寶玉搖頭晃腦的說道:“如此如花似玉的姐姐,為何用雁字為名?這雁兒到了秋天便要南飛,不妥不妥,依我看……”
他話還沒說話,黛玉又氣著了,冷冷的哼了一聲,細聲細氣的說道:“怎麽?方才要打了我嬤嬤出去,現下又要來改我丫鬟的名字?二哥哥是將我身邊的人都當成自個的奴才了嗎?”
賈母見情況越來越不妙,趕緊拍了寶玉一下:“你這小子,吃多了黃湯滿嘴的胡言,還不去給你妹妹道歉。”
寶玉被黛玉這麽一說,也驚覺失言,這下沒推脫,站起來走到黛玉跟前笑嘻嘻的作揖賠禮。黛玉何曾見過這般輕浮之態的男子,忙扭過頭去不看他。
寶玉見黛玉不曾理他,心中失落不已,又想找些什麽說話。

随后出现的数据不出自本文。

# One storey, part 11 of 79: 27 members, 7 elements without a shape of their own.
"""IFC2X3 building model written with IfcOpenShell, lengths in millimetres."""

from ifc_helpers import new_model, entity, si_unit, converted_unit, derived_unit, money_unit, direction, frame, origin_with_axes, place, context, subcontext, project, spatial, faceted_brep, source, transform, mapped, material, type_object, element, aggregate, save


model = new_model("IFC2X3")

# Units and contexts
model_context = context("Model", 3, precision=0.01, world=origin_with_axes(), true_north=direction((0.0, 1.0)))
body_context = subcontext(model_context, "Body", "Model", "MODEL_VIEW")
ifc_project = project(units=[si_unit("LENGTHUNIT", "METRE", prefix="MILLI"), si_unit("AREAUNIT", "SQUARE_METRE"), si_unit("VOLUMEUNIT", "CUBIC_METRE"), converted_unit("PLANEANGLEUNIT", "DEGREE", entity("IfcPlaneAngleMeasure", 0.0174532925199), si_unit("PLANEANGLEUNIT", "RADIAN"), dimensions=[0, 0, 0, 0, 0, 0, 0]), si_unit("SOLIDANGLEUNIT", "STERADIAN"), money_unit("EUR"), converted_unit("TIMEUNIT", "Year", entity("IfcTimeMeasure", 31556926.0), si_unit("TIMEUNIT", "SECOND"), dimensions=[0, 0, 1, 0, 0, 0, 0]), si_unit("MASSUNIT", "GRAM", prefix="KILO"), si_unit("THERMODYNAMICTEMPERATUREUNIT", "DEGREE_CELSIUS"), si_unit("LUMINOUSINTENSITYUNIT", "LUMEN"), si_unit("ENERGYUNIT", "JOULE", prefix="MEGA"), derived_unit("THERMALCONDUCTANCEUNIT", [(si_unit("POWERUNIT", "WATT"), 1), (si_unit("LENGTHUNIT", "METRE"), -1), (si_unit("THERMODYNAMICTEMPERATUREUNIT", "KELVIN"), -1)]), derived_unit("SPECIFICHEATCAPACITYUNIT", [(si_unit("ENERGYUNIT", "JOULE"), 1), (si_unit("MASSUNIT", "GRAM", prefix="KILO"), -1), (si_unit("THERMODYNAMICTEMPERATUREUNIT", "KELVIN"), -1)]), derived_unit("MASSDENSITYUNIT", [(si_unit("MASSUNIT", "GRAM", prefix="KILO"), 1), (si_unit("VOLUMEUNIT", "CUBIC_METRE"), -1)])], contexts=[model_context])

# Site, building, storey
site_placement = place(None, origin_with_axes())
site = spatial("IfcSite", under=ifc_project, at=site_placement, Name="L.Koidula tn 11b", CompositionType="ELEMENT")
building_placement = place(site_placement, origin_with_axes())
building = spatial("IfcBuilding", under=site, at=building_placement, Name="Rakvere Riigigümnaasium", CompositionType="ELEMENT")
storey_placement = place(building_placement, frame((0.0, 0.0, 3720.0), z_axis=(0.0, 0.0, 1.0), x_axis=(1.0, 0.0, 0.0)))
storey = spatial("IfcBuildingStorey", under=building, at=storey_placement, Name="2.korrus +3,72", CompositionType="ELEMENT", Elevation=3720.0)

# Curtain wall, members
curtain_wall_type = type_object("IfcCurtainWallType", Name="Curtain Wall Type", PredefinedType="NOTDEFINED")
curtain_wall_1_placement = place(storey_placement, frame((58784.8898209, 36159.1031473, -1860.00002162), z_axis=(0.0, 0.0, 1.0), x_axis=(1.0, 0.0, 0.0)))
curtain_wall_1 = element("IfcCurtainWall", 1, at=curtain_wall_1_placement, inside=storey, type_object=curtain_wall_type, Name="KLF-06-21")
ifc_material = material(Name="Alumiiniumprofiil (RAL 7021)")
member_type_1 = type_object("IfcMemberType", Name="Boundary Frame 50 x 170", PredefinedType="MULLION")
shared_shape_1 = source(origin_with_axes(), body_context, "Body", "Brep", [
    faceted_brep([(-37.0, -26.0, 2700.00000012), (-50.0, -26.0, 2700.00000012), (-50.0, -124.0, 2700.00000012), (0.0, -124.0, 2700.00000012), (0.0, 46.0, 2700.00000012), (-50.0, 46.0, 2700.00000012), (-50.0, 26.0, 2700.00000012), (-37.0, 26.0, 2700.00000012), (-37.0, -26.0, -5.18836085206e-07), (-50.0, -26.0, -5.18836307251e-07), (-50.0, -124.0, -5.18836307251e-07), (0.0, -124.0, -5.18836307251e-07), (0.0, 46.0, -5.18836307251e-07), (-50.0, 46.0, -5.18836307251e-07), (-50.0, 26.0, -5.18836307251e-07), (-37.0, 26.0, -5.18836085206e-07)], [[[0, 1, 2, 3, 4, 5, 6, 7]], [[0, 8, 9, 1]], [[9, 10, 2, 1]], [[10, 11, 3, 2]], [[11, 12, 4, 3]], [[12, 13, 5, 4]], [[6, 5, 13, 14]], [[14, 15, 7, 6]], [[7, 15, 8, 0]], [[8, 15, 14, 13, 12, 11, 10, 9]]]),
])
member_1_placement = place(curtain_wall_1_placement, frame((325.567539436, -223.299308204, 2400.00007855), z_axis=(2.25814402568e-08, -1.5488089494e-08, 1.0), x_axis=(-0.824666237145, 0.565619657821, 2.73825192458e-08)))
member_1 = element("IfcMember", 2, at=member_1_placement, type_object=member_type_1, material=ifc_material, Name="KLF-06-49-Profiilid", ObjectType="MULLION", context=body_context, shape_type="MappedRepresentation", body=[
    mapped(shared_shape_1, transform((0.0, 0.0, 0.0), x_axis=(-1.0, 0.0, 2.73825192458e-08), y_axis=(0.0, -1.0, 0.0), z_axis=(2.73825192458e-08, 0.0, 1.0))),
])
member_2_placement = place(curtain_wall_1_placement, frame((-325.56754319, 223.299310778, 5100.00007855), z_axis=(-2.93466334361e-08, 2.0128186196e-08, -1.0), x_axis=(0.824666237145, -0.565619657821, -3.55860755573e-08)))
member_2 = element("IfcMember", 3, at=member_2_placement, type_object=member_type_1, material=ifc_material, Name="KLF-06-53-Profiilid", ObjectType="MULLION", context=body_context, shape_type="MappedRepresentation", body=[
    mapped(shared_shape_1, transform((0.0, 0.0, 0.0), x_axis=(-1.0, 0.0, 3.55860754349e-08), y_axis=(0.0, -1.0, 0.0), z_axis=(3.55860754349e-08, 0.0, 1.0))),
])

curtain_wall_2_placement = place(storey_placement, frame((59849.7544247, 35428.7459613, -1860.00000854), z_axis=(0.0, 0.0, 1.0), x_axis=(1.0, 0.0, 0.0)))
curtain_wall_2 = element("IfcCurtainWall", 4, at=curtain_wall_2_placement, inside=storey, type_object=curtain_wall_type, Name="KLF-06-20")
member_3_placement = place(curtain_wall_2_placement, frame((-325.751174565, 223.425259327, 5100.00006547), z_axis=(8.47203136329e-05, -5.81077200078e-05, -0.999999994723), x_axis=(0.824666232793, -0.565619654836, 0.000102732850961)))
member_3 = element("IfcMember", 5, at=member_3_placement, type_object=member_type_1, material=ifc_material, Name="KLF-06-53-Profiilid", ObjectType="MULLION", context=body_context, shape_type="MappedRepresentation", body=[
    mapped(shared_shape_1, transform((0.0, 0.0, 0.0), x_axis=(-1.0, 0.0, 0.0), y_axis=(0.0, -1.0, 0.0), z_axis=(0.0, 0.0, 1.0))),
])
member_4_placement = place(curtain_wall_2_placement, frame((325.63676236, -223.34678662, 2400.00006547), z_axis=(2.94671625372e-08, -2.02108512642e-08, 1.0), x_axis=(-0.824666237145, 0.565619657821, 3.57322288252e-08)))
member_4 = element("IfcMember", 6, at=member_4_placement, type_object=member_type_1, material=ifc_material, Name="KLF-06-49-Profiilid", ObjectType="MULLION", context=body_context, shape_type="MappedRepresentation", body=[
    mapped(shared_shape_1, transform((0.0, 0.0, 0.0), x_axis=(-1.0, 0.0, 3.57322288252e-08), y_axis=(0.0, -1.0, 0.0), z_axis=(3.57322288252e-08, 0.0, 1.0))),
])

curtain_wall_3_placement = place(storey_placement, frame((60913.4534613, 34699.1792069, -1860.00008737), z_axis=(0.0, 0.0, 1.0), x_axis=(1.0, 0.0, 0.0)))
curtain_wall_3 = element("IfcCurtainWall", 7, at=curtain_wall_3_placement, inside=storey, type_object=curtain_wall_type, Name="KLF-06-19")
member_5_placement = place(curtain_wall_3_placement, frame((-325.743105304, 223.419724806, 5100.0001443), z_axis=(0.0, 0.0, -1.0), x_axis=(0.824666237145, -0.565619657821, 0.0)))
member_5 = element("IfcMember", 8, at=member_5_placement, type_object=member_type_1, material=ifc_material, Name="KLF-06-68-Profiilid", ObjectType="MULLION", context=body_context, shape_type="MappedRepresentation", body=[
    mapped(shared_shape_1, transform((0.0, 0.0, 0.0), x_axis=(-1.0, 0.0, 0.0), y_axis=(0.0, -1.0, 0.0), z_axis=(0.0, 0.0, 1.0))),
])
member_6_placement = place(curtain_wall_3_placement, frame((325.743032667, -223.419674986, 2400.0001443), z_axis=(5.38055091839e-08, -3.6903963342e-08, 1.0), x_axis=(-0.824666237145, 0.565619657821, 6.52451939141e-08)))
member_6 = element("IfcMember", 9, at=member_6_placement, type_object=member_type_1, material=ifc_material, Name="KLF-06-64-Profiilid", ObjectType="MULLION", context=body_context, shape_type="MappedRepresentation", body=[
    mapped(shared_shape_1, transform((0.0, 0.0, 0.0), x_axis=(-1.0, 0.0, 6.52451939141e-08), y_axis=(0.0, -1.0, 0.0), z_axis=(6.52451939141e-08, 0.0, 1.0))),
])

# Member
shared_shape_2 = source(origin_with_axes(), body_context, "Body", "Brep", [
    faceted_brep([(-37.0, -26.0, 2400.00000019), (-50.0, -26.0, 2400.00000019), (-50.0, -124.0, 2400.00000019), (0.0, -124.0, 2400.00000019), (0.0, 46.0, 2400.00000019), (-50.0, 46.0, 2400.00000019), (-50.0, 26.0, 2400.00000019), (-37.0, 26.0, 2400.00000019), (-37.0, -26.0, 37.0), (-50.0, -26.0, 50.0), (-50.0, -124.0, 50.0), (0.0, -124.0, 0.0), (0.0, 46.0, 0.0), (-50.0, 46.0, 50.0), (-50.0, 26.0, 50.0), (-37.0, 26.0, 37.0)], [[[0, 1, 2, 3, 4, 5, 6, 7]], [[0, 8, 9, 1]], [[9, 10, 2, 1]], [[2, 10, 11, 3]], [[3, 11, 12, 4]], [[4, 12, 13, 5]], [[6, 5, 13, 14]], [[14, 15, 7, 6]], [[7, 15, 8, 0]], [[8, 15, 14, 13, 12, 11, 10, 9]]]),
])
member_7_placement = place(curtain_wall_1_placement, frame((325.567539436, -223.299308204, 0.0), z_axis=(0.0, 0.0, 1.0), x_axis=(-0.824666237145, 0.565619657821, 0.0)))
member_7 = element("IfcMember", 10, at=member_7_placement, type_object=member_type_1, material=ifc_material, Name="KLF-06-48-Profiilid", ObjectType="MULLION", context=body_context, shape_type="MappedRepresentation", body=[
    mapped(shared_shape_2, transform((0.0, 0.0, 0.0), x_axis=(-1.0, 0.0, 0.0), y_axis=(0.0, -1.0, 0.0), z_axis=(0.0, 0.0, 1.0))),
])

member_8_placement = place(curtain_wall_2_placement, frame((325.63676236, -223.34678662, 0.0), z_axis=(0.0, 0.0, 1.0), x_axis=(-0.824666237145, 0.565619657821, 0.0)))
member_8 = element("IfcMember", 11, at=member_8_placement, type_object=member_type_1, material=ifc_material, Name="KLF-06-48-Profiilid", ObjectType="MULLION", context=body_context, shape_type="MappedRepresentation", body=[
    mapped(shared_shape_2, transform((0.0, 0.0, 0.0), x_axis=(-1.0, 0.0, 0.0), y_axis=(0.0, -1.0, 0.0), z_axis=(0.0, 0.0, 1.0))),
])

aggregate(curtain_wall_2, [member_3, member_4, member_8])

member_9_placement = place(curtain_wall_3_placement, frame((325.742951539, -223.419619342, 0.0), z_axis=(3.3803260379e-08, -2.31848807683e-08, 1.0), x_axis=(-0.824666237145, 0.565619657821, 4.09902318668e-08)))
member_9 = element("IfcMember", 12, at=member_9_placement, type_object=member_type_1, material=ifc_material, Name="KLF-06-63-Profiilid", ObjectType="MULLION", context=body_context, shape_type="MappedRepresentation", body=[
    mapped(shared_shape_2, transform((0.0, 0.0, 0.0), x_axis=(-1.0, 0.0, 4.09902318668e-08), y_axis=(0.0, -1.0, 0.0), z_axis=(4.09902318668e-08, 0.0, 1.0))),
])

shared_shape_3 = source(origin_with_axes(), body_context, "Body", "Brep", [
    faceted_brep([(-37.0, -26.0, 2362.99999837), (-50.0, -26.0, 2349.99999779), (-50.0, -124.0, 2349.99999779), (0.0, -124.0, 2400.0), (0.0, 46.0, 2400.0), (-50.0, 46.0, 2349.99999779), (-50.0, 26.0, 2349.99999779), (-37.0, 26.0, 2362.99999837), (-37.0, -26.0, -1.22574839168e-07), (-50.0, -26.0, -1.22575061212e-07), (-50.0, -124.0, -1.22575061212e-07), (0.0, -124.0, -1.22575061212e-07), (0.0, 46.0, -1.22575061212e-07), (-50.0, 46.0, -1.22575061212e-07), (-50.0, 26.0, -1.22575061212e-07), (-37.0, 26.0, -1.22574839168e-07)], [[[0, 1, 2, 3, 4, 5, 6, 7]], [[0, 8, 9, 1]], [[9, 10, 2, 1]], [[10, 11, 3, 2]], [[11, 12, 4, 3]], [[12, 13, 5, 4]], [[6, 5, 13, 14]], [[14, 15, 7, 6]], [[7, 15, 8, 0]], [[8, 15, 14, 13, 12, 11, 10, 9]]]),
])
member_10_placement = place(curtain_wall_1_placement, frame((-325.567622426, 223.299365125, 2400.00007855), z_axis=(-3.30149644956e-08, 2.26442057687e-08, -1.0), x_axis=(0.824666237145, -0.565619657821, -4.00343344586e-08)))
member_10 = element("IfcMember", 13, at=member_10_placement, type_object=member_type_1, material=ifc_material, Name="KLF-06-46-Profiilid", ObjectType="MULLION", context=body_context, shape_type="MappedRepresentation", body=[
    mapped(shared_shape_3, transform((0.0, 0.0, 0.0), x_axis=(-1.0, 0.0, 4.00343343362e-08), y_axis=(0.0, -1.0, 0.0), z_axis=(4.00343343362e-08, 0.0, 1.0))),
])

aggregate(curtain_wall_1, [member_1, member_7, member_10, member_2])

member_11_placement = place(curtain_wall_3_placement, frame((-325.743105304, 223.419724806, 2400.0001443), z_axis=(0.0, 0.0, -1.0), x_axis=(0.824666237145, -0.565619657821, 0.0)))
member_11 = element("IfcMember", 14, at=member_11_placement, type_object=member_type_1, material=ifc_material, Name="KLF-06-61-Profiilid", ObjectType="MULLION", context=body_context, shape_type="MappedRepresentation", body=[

突然想起什麽似得,問道:“妹妹可曾有玉?”
黛玉聞言愣了一下,看了眼雪雁,雪雁自然知道這呆子是要砸玉的,考慮了一秒,朝黛玉搖了搖頭。
黛玉頭也沒回細細說了聲:“想來那玉是個稀罕物,又豈是人人都有的?”
寶玉一聽,果然發起瘋來,登時將玉砸在地上,罵將起來:“什麽稀罕物,人的高下不識,還說靈不靈呢!我也不要這勞什子了!原家裏的姐妹都沒有,我說沒趣。如今來了個神仙般的妹妹也沒有,可知這不是個好東西。”
黛玉被他這一頓發狂嚇了一大跳,雪雁忙摟著她輕聲安撫。屋子裏一堆人爭著搶著去揀那塊玉,好些丫鬟都哭了起來。
賈母氣得渾身打抖,卻還是摟著寶玉勸道:“你妹妹也有,隻是你姑姑死的時候帶了過去做個念想。她說她沒有玉,也是自己不便誇張之意。你如今怎比得她,還不好生慎重帶上,仔細你娘知道了。”說著伸手將玉接來,親手與他帶上。
寶玉聽了此話,便不再說什麽了。隻是黛玉卻氣得坐不住了,起身隻道天色晚了,想早些歇息,如今已又鬧了些時辰,再坐不住了。
賈母無法,隻得派了婆子打著燈籠送那主仆三人回去,之後自己回了房裏,卻忍不住唉聲歎氣。鴛鴦在一旁見了,不住寬慰她,可賈母一想到好好的見麵弄成這樣,也隻怪那王夫人教不好兒子,如今鬧的不歡而散。
紫鵑還得收拾自個的東西,今晚便沒跟著回來。黛玉一路忍著,直到進了梨香院。過了穿堂後,正院上的燈籠皆已經亮起,整個院子照的通透,便不再用那些婆子們了。雪雁回身一人賞了一百錢,謝了又謝目送了那些婆子離開,便吩咐關門落鎖。
王嬤嬤扶著黛玉回了正房,早有白鷺青鸞等人候在那兒,替她更衣洗臉卸了妝去。
雪雁檢查了一遍院子,這才回了上房,一進屋就聽到裏頭書澈說道:“他能說出這話來,我一點都不奇怪。今兒我在這府裏聽到的事比這還要鬧笑話呢,小姐若是這點子小事都要記著,日後隻怕是要氣死了。”
白鷺在一旁說道:“好好說話,怎麽這般沒大沒小。那寶二爺再不濟也是主子,若讓人聽了去,少不得你苦頭吃。”